Content starts

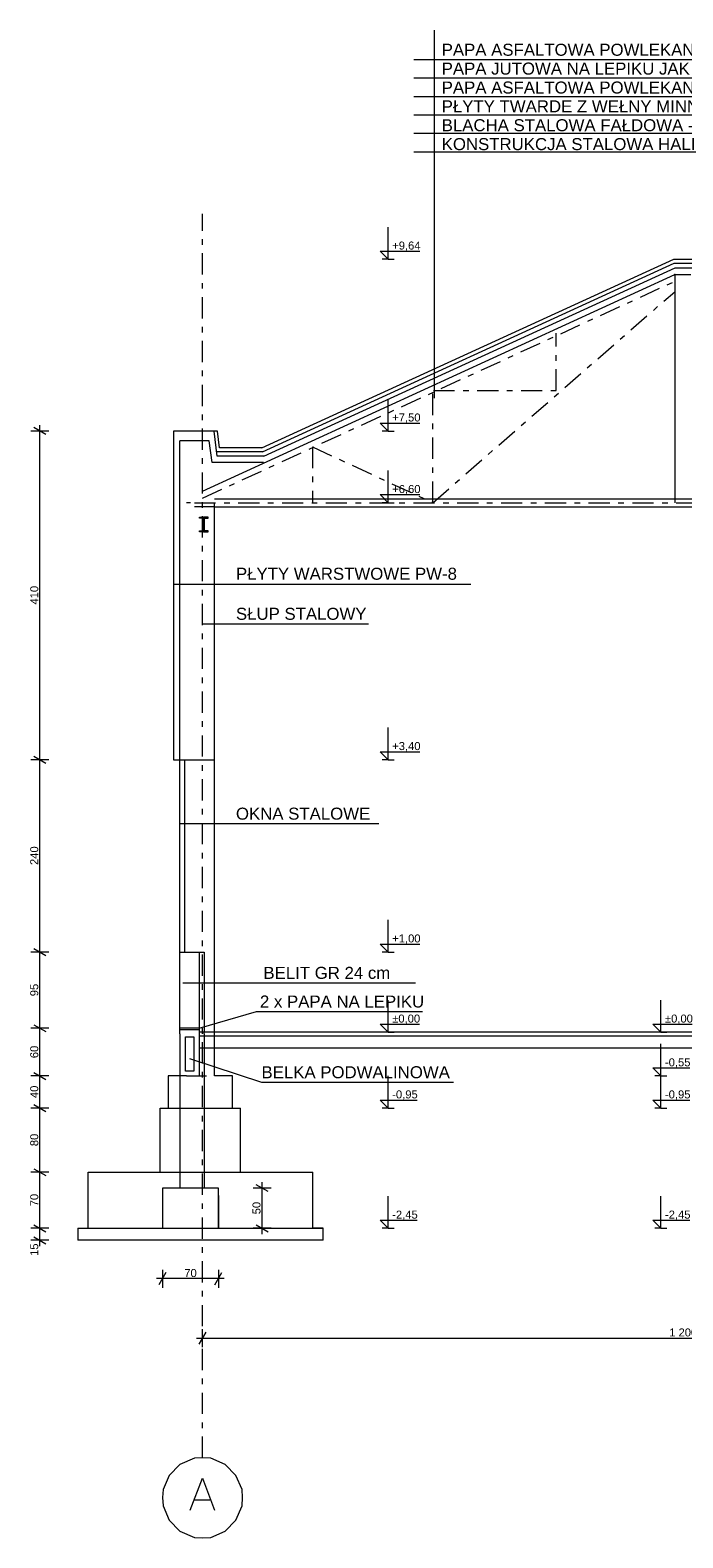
# Model space of a CAD drawing. Extents: x -382579 to -312317, y -24343 to 13401.
# Tile 1 of 9: x -382579 to -374431, y -5411 to 13401. Entities that reach past the tile are written whole.
import ezdxf

# ---------------------------------------------------------------- set-up
doc = ezdxf.new("R2010")
doc.units = 0
doc.header["$MEASUREMENT"] = 0
doc.linetypes.add('Przerywana podwójnie', pattern=[546.805537, 264.583325, -105.833328, 70.555556, -105.833328])
for name, color, linetype, lineweight in [('2D - Ogólne_Nr_Pióra__1', 1, 'Continuous', 18), ('2D - Ogólne_Nr_Pióra__5', 5, 'Continuous', 18), ('2D - Ogólne_Nr_Pióra__6', 6, 'Continuous', 9), ('OSIE_Nr_Pióra__7', 7, 'Continuous', 18), ('Wymiarowanie - Ogólne_Nr_Pióra__4', 4, 'Continuous', 18), ('Wymiarowanie - Ogólne_Nr_Pióra__46', 46, 'Continuous', 18), ('Wymiarowanie - Ogólne_Nr_Pióra__5', 5, 'Continuous', 18), ('WYMIARY_Nr_Pióra__4', 4, 'Continuous', 18), ('WYMIARY_Nr_Pióra__5', 5, 'Continuous', 18)]:
    doc.layers.add(name, color=color, linetype=linetype, lineweight=lineweight)
doc.layers.add('Wymiarowanie - Ogólne', color=7, linetype='Continuous')
doc.layers.add('WYMIARY', color=7, linetype='Continuous')
doc.styles.add('GENERATED_STYLE_1', font='arial.ttf')
doc.styles.add('GENERATED_STYLE_2', font='txt')
doc.dimstyles.new('GENERATED_STYLE__1', dxfattribs={"dimtxt": 100, "dimasz": 114, "dimexe": 0.18, "dimexo": 0, "dimgap": 0.09, "dimtad": 1, "dimtih": 1, "dimtoh": 1, "dimdec": 0, "dimlfac": 0.1, "dimzin": 0, "dimdsep": 46, "dimtxsty": 'GENERATED_STYLE_2', "dimblk": 'ARROWHEAD_2', "dimblk1": 'ARROWHEAD_2', "dimblk2": 'ARROWHEAD_2', "dimcen": 0.09, "dimclrd": 256, "dimclre": 256, "dimclrt": 256, "dimazin": 0, "dimtfac": 1, "dimtdec": 4, "dimtmove": 0, "dimatfit": 3, "dimfxl": 1, "dimtolj": 1, "dimtzin": 0, "dimarcsym": 0})
doc.dimstyles.new('GENERATED_STYLE__2', dxfattribs={"dimtxt": 100, "dimasz": 114, "dimexe": 0.18, "dimexo": 0, "dimgap": 0.09, "dimtad": 1, "dimdec": 0, "dimlfac": 0.1, "dimzin": 0, "dimdsep": 46, "dimtxsty": 'GENERATED_STYLE_2', "dimblk": 'ARROWHEAD_2', "dimblk1": 'ARROWHEAD_2', "dimblk2": 'ARROWHEAD_2', "dimcen": 0.09, "dimclrd": 256, "dimclre": 256, "dimclrt": 256, "dimazin": 0, "dimtfac": 1, "dimtdec": 4, "dimtmove": 0, "dimatfit": 3, "dimfxl": 1, "dimtolj": 1, "dimtzin": 0, "dimarcsym": 0})

# ---------------------------------------------------------------- blocks, each defined once
blk = doc.blocks.new('*D61')
at = {"layer": 'WYMIARY_Nr_Pióra__4', "linetype": 'Continuous', "transparency": 16777216}
for p, q in [((-380429, -3031), (-380429, -2806)), ((-368434, -3031), (-368434, -2806)), ((-380502, -2918), (-380429, -2918)), ((-380386, -2843), (-380472, -2993)), ((-380429, -2918), (-368434, -2918)), ((-368390, -2843), (-368477, -2993)), ((-368434, -2918), (-356434, -2918))]:
    blk.add_line(p, q, dxfattribs=at)
at = {"layer": 'WYMIARY_Nr_Pióra__5', "transparency": 16777216, "insert": (-374602, -2798), "char_height": 100, "attachment_point": 1, "style": 'GENERATED_STYLE_1'}
blk.add_mtext('{1\xa0200}', dxfattribs=at)
blk = doc.blocks.new('ARROWHEAD_2')
at = {"linetype": 'Continuous'}
for p, q in [((0, 0), (-1, 0)), ((-0.38, -0.66), (0.38, 0.66))]:
    blk.add_line(p, q, dxfattribs=at)
blk = doc.blocks.new('*D62')
at = {"layer": 'WYMIARY_Nr_Pióra__4', "linetype": 'Continuous', "transparency": 16777216}
for p, q in [((-356434, -3031), (-356434, -2806)), ((-368390, -2843), (-368477, -2993)), ((-368434, -2918), (-356434, -2918)), ((-356390, -2843), (-356477, -2993)), ((-356434, -2918), (-344434, -2918))]:
    blk.add_line(p, q, dxfattribs=at)
at = {"layer": 'WYMIARY_Nr_Pióra__5', "transparency": 16777216, "insert": (-362604, -2798), "char_height": 100, "attachment_point": 1, "style": 'GENERATED_STYLE_1'}
blk.add_mtext('{1\xa0200}', dxfattribs=at)
blk = doc.blocks.new('*D63')
at = {"layer": 'WYMIARY_Nr_Pióra__4', "linetype": 'Continuous', "transparency": 16777216}
for p, q in [((-344434, -3031), (-344434, -2806)), ((-356390, -2843), (-356477, -2993)), ((-356434, -2918), (-344434, -2918)), ((-344390, -2843), (-344477, -2993)), ((-344434, -2918), (-332434, -2918))]:
    blk.add_line(p, q, dxfattribs=at)
at = {"layer": 'WYMIARY_Nr_Pióra__5', "transparency": 16777216, "insert": (-350604, -2798), "char_height": 100, "attachment_point": 1, "style": 'GENERATED_STYLE_1'}
blk.add_mtext('{1\xa0200}', dxfattribs=at)
blk = doc.blocks.new('*D64')
at = {"layer": 'WYMIARY_Nr_Pióra__4', "linetype": 'Continuous', "transparency": 16777216}
for p, q in [((-332434, -3031), (-332434, -2806)), ((-344390, -2843), (-344477, -2993)), ((-344434, -2918), (-332434, -2918)), ((-332390, -2843), (-332477, -2993)), ((-332434, -2918), (-320433, -2918))]:
    blk.add_line(p, q, dxfattribs=at)
at = {"layer": 'WYMIARY_Nr_Pióra__5', "transparency": 16777216, "insert": (-338604, -2798), "char_height": 100, "attachment_point": 1, "style": 'GENERATED_STYLE_1'}
blk.add_mtext('{1\xa0200}', dxfattribs=at)
blk = doc.blocks.new('*D65')
at = {"layer": 'WYMIARY_Nr_Pióra__4', "linetype": 'Continuous', "transparency": 16777216}
for p, q in [((-320433, -3031), (-320433, -2806)), ((-332390, -2843), (-332477, -2993)), ((-332434, -2918), (-320433, -2918)), ((-320477, -2993), (-320390, -2843)), ((-320433, -2918), (-320360, -2918))]:
    blk.add_line(p, q, dxfattribs=at)
at = {"layer": 'WYMIARY_Nr_Pióra__5', "transparency": 16777216, "insert": (-326604, -2798), "char_height": 100, "attachment_point": 1, "style": 'GENERATED_STYLE_1'}
blk.add_mtext('{1\xa0200}', dxfattribs=at)
blk = doc.blocks.new('*D68')
at = {"layer": 'Wymiarowanie - Ogólne_Nr_Pióra__4', "linetype": 'Continuous', "transparency": 16777216}
for p, q in [((-379572, -1048), (-379797, -1048)), ((-379609, -1091), (-379759, -1005)), ((-379684, -1048), (-379684, -975)), ((-379684, -1548), (-379684, -1048)), ((-379759, -1505), (-379609, -1591)), ((-379572, -1548), (-379797, -1548)), ((-379684, -1621), (-379684, -1548))]:
    blk.add_line(p, q, dxfattribs=at)
at = {"layer": 'Wymiarowanie - Ogólne_Nr_Pióra__5', "transparency": 16777216, "insert": (-379804, -1374), "char_height": 100, "attachment_point": 1, "rotation": 90, "style": 'GENERATED_STYLE_1'}
blk.add_mtext('{50}', dxfattribs=at)
blk = doc.blocks.new('*D69')
at = {"layer": 'Wymiarowanie - Ogólne_Nr_Pióra__4', "linetype": 'Continuous', "transparency": 16777216}
for p, q in [((-380929, -2065), (-380929, -2290)), ((-380229, -2065), (-380229, -2290)), ((-380929, -2177), (-381002, -2177)), ((-380886, -2102), (-380972, -2252)), ((-380229, -2177), (-380929, -2177)), ((-380272, -2252), (-380186, -2102)), ((-380156, -2177), (-380229, -2177))]:
    blk.add_line(p, q, dxfattribs=at)
at = {"layer": 'Wymiarowanie - Ogólne_Nr_Pióra__5', "transparency": 16777216, "insert": (-380655, -2057), "char_height": 100, "attachment_point": 1, "style": 'GENERATED_STYLE_1'}
blk.add_mtext('{70}', dxfattribs=at)
blk = doc.blocks.new('*D83')
at = {"layer": 'Wymiarowanie - Ogólne_Nr_Pióra__4', "linetype": 'Continuous', "transparency": 16777216}
for p, q in [((-382533, -1505), (-382383, -1591)), ((-382533, -1655), (-382383, -1741)), ((-382458, -1698), (-382458, -1548)), ((-382345, -1698), (-382570, -1698)), ((-382458, -1771), (-382458, -1698))]:
    blk.add_line(p, q, dxfattribs=at)
at = {"layer": 'Wymiarowanie - Ogólne_Nr_Pióra__5', "transparency": 16777216, "insert": (-382578, -1893), "char_height": 100, "attachment_point": 1, "rotation": 90, "style": 'GENERATED_STYLE_1'}
blk.add_mtext('{15}', dxfattribs=at)
blk = doc.blocks.new('*D84')
at = {"layer": 'Wymiarowanie - Ogólne_Nr_Pióra__4', "linetype": 'Continuous', "transparency": 16777216}
for p, q in [((-382533, -805), (-382383, -891)), ((-382458, -1548), (-382458, -848)), ((-382533, -1505), (-382383, -1591)), ((-382345, -1548), (-382570, -1548)), ((-382458, -1698), (-382458, -1548))]:
    blk.add_line(p, q, dxfattribs=at)
at = {"layer": 'Wymiarowanie - Ogólne_Nr_Pióra__5', "transparency": 16777216, "insert": (-382578, -1274), "char_height": 100, "attachment_point": 1, "rotation": 90, "style": 'GENERATED_STYLE_1'}
blk.add_mtext('{70}', dxfattribs=at)
blk = doc.blocks.new('*D85')
at = {"layer": 'Wymiarowanie - Ogólne_Nr_Pióra__4', "linetype": 'Continuous', "transparency": 16777216}
for p, q in [((-382533, -5), (-382383, -91)), ((-382458, -848), (-382458, -48)), ((-382345, -848), (-382570, -848)), ((-382533, -805), (-382383, -891)), ((-382458, -1548), (-382458, -848))]:
    blk.add_line(p, q, dxfattribs=at)
at = {"layer": 'Wymiarowanie - Ogólne_Nr_Pióra__5', "transparency": 16777216, "insert": (-382578, -524), "char_height": 100, "attachment_point": 1, "rotation": 90, "style": 'GENERATED_STYLE_1'}
blk.add_mtext('{80}', dxfattribs=at)
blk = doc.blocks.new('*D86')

Content ends

Using the records given above, list every line that includes the word "rotation".

at = {"layer": 'Wymiarowanie - Ogólne_Nr_Pióra__5', "transparency": 16777216, "insert": (-379804, -1374), "char_height": 100, "attachment_point": 1, "rotation": 90, "style": 'GENERATED_STYLE_1'}
at = {"layer": 'Wymiarowanie - Ogólne_Nr_Pióra__5', "transparency": 16777216, "insert": (-382578, -1893), "char_height": 100, "attachment_point": 1, "rotation": 90, "style": 'GENERATED_STYLE_1'}
at = {"layer": 'Wymiarowanie - Ogólne_Nr_Pióra__5', "transparency": 16777216, "insert": (-382578, -1274), "char_height": 100, "attachment_point": 1, "rotation": 90, "style": 'GENERATED_STYLE_1'}
at = {"layer": 'Wymiarowanie - Ogólne_Nr_Pióra__5', "transparency": 16777216, "insert": (-382578, -524), "char_height": 100, "attachment_point": 1, "rotation": 90, "style": 'GENERATED_STYLE_1'}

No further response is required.